Stored entries
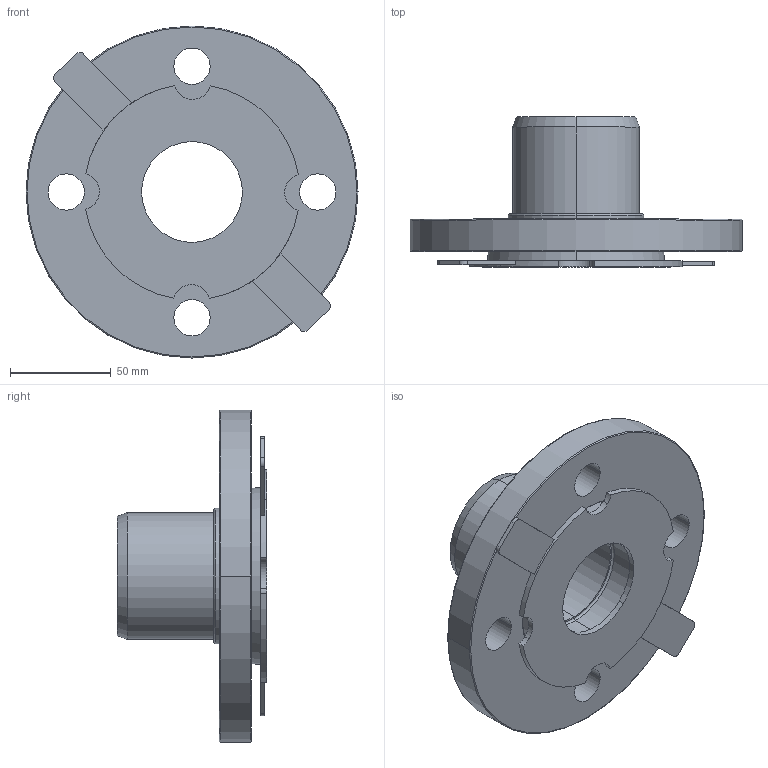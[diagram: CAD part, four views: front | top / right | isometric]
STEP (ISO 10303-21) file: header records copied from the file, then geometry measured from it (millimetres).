
FILE_DESCRIPTION (( 'STEP AP203' ), '1' );
FILE_NAME ('KP_567-63.step', '2011-08-08T11:59:14', ( '' ), ( '' ), 'SwSTEP 2.0', 'SolidWorks 2011', '' );
FILE_SCHEMA (( 'CONFIG_CONTROL_DESIGN' ));
Length unit declared in the file: millimetre
Products named in the file (1): KP_567-63
Bounding box: 165 x 74.5 x 165 mm (x, y, z)
Volume: 380599.1 mm3; surface area: 90305.6 mm2
Topology: 1 solids, 1 shells, 85 faces, 199 edges, 124 vertices
Faces by surface type: cylinder 37, cone 18, plane 18, torus 12
Entity records: 2566 total; most frequent: DIRECTION 495, CARTESIAN_POINT 409, ORIENTED_EDGE 398, AXIS2_PLACEMENT_3D 210, EDGE_CURVE 199, CIRCLE 124, VERTEX_POINT 124, EDGE_LOOP 103

What this task involves:
Reproduce every record above word for word. Leave the pictures out.

Answer:
[diagram: CAD part, four views: front | top / right | isometric]
STEP (ISO 10303-21) file: header records copied from the file, then geometry measured from it (millimetres).
FILE_DESCRIPTION (( 'STEP AP203' ), '1' );
FILE_NAME ('KP_567-63.step', '2011-08-08T11:59:14', ( '' ), ( '' ), 'SwSTEP 2.0', 'SolidWorks 2011', '' );
FILE_SCHEMA (( 'CONFIG_CONTROL_DESIGN' ));
Length unit declared in the file: millimetre
Products named in the file (1): KP_567-63
Bounding box: 165 x 74.5 x 165 mm (x, y, z)
Volume: 380599.1 mm3; surface area: 90305.6 mm2
Topology: 1 solids, 1 shells, 85 faces, 199 edges, 124 vertices
Faces by surface type: cylinder 37, cone 18, plane 18, torus 12
Entity records: 2566 total; most frequent: DIRECTION 495, CARTESIAN_POINT 409, ORIENTED_EDGE 398, AXIS2_PLACEMENT_3D 210, EDGE_CURVE 199, CIRCLE 124, VERTEX_POINT 124, EDGE_LOOP 103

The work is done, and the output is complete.